US 12,002,590 B2
Machine learning-based diagnostic classifier
Monika Sharma Mellem, Falls Church, VA (US); Yuelu Liu, South San Francisco, CA (US); Parvez Ahammad, San Jose, CA (US); Humberto Andres Gonzalez Cabezas, Santa Clara, CA (US); William J. Martin, San Francisco, CA (US); and Pablo Christian Gersberg, San Francisco, CA (US)
Assigned to NEUMORA THERAPEUTICS, INC., Brisbane, CA (US)
Filed by NEUMORA THERAPEUTICS, INC., Brisbane, CA (US)
Filed on May 2, 2023, as Appl.

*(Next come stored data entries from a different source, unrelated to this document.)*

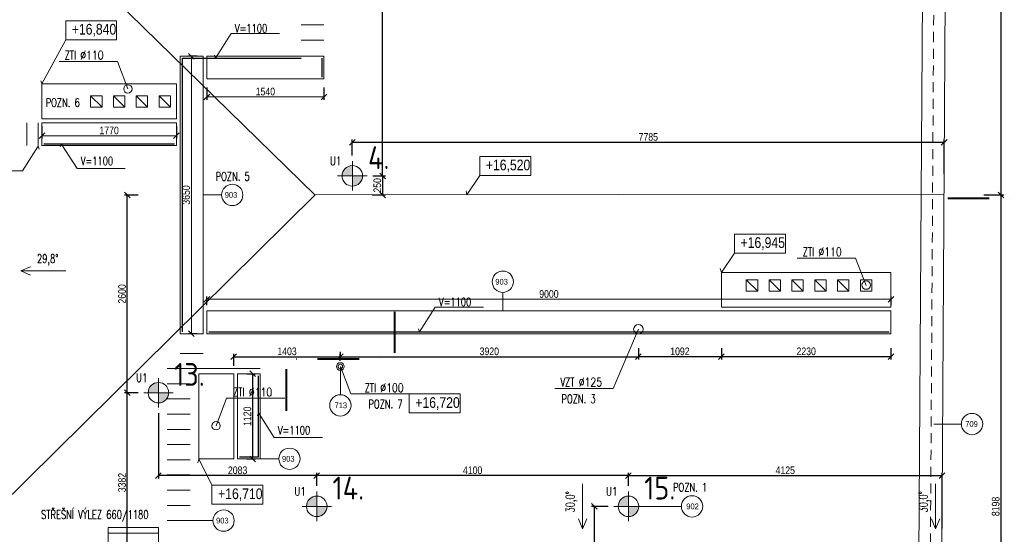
# Model space of a CAD drawing. Header units: millimetres. Extents: x -300958 to -108039, y 30118 to 292543.
# Tile 253 of 256: x -197241 to -184289, y 186822 to 193593. Entities that reach past the tile are written whole.
import ezdxf
from ezdxf.enums import TextEntityAlignment as Align

# ---------------------------------------------------------------- set-up
doc = ezdxf.new("R2010")
doc.units = ezdxf.units.MM
doc.header["$MEASUREMENT"] = 0
doc.linetypes.add('DGN Style 2', pattern=[879.857395, 527.914437, -351.942958])
doc.linetypes.add('DGN Style 4', pattern=[1094.119168, 546.717885, -273.358943, 0.683397, -273.358943])
doc.layers.get('0').update_dxf_attribs({"lineweight": 13})
doc.layers.get('Defpoints').update_dxf_attribs({"color": 3, "lineweight": 13})
for name, color, linetype, lineweight in [('dims', 7, 'Continuous', 9), ('legenda', 7, 'Continuous', 13), ('Materiály', 1, 'Continuous', 13), ('navrh', 1, 'Continuous', 9), ('popis', 7, 'Continuous', 9), ('PSV', 7, 'Continuous', 13), ('rez', 7, 'Continuous', 13), ('tenka', 7, 'Continuous', 13), ('TOPWET s.r.o. - kotevní body', 12, 'Continuous', 18), ('TOPWET s.r.o. - popisky', 12, 'Continuous', 18), ('výškové kóty', 7, 'Continuous', 13), ('zařizovací předměty', 7, 'Continuous', 9)]:
    doc.layers.add(name, color=color, linetype=linetype, lineweight=lineweight)
doc.styles.add('ISOCPEUR', font='isocpeur.ttf')
doc.styles.add('STYLE-0', font='ARIALN.TTF')
doc.styles.add('Style-Arial', font='arial.ttf')
doc.dimstyles.new('arch', dxfattribs={"dimscale": 50, "dimtxt": 2.5, "dimasz": 2.5, "dimexe": 1.25, "dimexo": 0.9, "dimtad": 1, "dimdec": 0, "dimtxsty": 'STYLE-0', "dimblk": 'ARCHTICK', "dimcen": 2.5, "dimadec": 0, "dimazin": 0, "dimtfac": 1, "dimtdec": 0, "dimtmove": 2, "dimatfit": 3, "dimldrblk": 'ARCHTICK', "dimfxl": 0, "dimarcsym": 0})

# ---------------------------------------------------------------- blocks, each defined once
blk = doc.blocks.new('_ArchTick')
at = {"color": 0, "linetype": 'ByBlock', "flags": 128}
blk.add_lwpolyline([(-0.5, -0.5), (0.5, 0.5)], dxfattribs=at)
blk = doc.blocks.new('*D2227')
at = {"layer": 'Defpoints', "color": 0, "linetype": 'Continuous'}
for p in [(-193023, 189159), (-193023, 189030), (-194425, 188965)]:
    blk.add_point(p, dxfattribs=at)
at = {"layer": 'dims', "color": 0, "linetype": 'Continuous', "lineweight": -2}
for p, q in [((-194425, 189040), (-194425, 189197)), ((-194425, 189159), (-193023, 189159)), ((-193023, 189105), (-193023, 189197))]:
    blk.add_line(p, q, dxfattribs=at)
at = {"layer": 'dims', "color": 0, "linetype": 'Continuous', "lineweight": -2, "xscale": 75, "yscale": 75, "zscale": 75, "rotation": 180}
blk.add_blockref('_ArchTick', (-194425, 189159), dxfattribs=at)
at = {"layer": 'dims', "color": 0, "linetype": 'Continuous', "lineweight": -2, "xscale": 75, "yscale": 75, "zscale": 75}
blk.add_blockref('_ArchTick', (-193023, 189159), dxfattribs=at)
at = {"layer": 'dims', "color": 0, "linetype": 'Continuous', "insert": (-193724, 189229), "char_height": 100, "attachment_point": 5, "style": 'STYLE-0'}
blk.add_mtext('1403', dxfattribs=at)
blk = doc.blocks.new('*D2228')
at = {"layer": 'Defpoints', "color": 0, "linetype": 'Continuous'}
for p in [(-189102, 189346), (-188010, 189346), (-188010, 189160)]:
    blk.add_point(p, dxfattribs=at)
at = {"layer": 'dims', "color": 0, "linetype": 'Continuous', "lineweight": -2}
for p, q in [((-189102, 189271), (-189102, 189122)), ((-188010, 189271), (-188010, 189122)), ((-189102, 189160), (-188010, 189160))]:
    blk.add_line(p, q, dxfattribs=at)
at = {"layer": 'dims', "color": 0, "linetype": 'Continuous', "lineweight": -2, "xscale": 75, "yscale": 75, "zscale": 75, "rotation": 180}
blk.add_blockref('_ArchTick', (-189102, 189160), dxfattribs=at)
at = {"layer": 'dims', "color": 0, "linetype": 'Continuous', "lineweight": -2, "xscale": 75, "yscale": 75, "zscale": 75}
blk.add_blockref('_ArchTick', (-188010, 189160), dxfattribs=at)
at = {"layer": 'dims', "color": 0, "linetype": 'Continuous', "insert": (-188556, 189229), "char_height": 100, "attachment_point": 5, "style": 'STYLE-0'}
blk.add_mtext('1092', dxfattribs=at)
blk = doc.blocks.new('*D2229')
at = {"layer": 'Defpoints', "color": 0, "linetype": 'Continuous'}
for p in [(-188010, 189346), (-185780, 189346), (-185780, 189160)]:
    blk.add_point(p, dxfattribs=at)
at = {"layer": 'dims', "color": 0, "linetype": 'Continuous', "lineweight": -2}
for p, q in [((-188010, 189271), (-188010, 189122)), ((-185780, 189271), (-185780, 189122)), ((-188010, 189160), (-185780, 189160))]:
    blk.add_line(p, q, dxfattribs=at)
at = {"layer": 'dims', "color": 0, "linetype": 'Continuous', "lineweight": -2, "xscale": 75, "yscale": 75, "zscale": 75, "rotation": 180}
blk.add_blockref('_ArchTick', (-188010, 189160), dxfattribs=at)
at = {"layer": 'dims', "color": 0, "linetype": 'Continuous', "lineweight": -2, "xscale": 75, "yscale": 75, "zscale": 75}
blk.add_blockref('_ArchTick', (-185780, 189160), dxfattribs=at)
at = {"layer": 'dims', "color": 0, "linetype": 'Continuous', "insert": (-186895, 189229), "char_height": 100, "attachment_point": 5, "style": 'STYLE-0'}
blk.add_mtext('2230', dxfattribs=at)
blk = doc.blocks.new('*U48')
at = {"layer": 'rez', "linetype": 'DGN Style 4', "lineweight": 40}
blk.add_line((-376, 574), (-376, -574), dxfattribs=at)
at = {"layer": 'rez', "linetype": 'Continuous', "lineweight": 0, "flags": 128}
blk.add_lwpolyline([(-376, -574), (376, -574), (146, -464)], dxfattribs=at)
blk = doc.blocks.new('*D2300')
at = {"layer": 'Defpoints', "color": 0, "linetype": 'Continuous'}
for p in [(-184633, 191288), (-184633, 183090), (-184333, 183090)]:
    blk.add_point(p, dxfattribs=at)
at = {"layer": 'dims', "color": 0, "linetype": 'Continuous', "lineweight": -2}
for p, q in [((-184558, 191288), (-184295, 191288)), ((-184333, 191288), (-184333, 183090)), ((-184558, 183090), (-184295, 183090))]:
    blk.add_line(p, q, dxfattribs=at)
at = {"layer": 'dims', "color": 0, "linetype": 'Continuous', "lineweight": -2, "xscale": 75, "yscale": 75, "zscale": 75}
for p, rotation in [((-184333, 191288), 90), ((-184333, 183090), 270)]:
    blk.add_blockref('_ArchTick', p, dxfattribs=dict(at, rotation=rotation))
at = {"layer": 'dims', "color": 0, "linetype": 'Continuous', "insert": (-184402, 187189), "char_height": 100, "attachment_point": 5, "rotation": 90, "style": 'STYLE-0'}
blk.add_mtext('8198', dxfattribs=at)
blk = doc.blocks.new('*D2302')
at = {"layer": 'Defpoints', "color": 0, "linetype": 'Continuous'}
for p in [(-184624, 199370), (-184624, 191288), (-184333, 191288)]:
    blk.add_point(p, dxfattribs=at)
at = {"layer": 'dims', "color": 0, "linetype": 'Continuous', "lineweight": -2}
for p, q in [((-184549, 199370), (-184295, 199370)), ((-184333, 199370), (-184333, 191288)), ((-184549, 191288), (-184295, 191288))]:
    blk.add_line(p, q, dxfattribs=at)
at = {"layer": 'dims', "color": 0, "linetype": 'Continuous', "lineweight": -2, "xscale": 75, "yscale": 75, "zscale": 75}
for p, rotation in [((-184333, 199370), 90), ((-184333, 191288), 270)]:
    blk.add_blockref('_ArchTick', p, dxfattribs=dict(at, rotation=rotation))
at = {"layer": 'dims', "color": 0, "linetype": 'Continuous', "insert": (-184402, 195329), "char_height": 100, "attachment_point": 5, "rotation": 90, "style": 'STYLE-0'}
blk.add_mtext('8082', dxfattribs=at)
blk = doc.blocks.new('*D2082')
at = {"layer": 'Defpoints', "color": 0, "linetype": 'Continuous'}
for p in [(-193023, 189299), (-189102, 189197), (-189102, 189159)]:
    blk.add_point(p, dxfattribs=at)
at = {"layer": 'dims', "color": 0, "linetype": 'Continuous', "lineweight": -2}
for p, q in [((-193023, 189224), (-193023, 189122)), ((-193023, 189159), (-189102, 189159)), ((-189102, 189122), (-189102, 189122))]:
    blk.add_line(p, q, dxfattribs=at)
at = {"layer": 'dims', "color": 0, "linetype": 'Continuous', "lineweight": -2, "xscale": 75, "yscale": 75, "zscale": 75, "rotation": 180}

No. 18/311,087.
Application 18/311,087 is a continuation of application No. 17/446,633, filed on Sep. 1, 2021, granted, now 11,676,732.
Application 17/446,633 is a continuation of application No. 16/514,879, filed on Jul. 17, 2019, granted, now 11,139,083.
Application 16/514,879 is a continuation of application No. 16/400,312, filed on May 1, 2019, granted, now 11,715,564.
Claims priority of provisional application 62/665,243, filed on May 1, 2018.
Prior Publication US 2023/0343463 A1, Oct. 26, 2023
Int. Cl. G16H 50/30 (2018.01); G16H 10/60 (2018.01); G16H 50/20 (2018.01)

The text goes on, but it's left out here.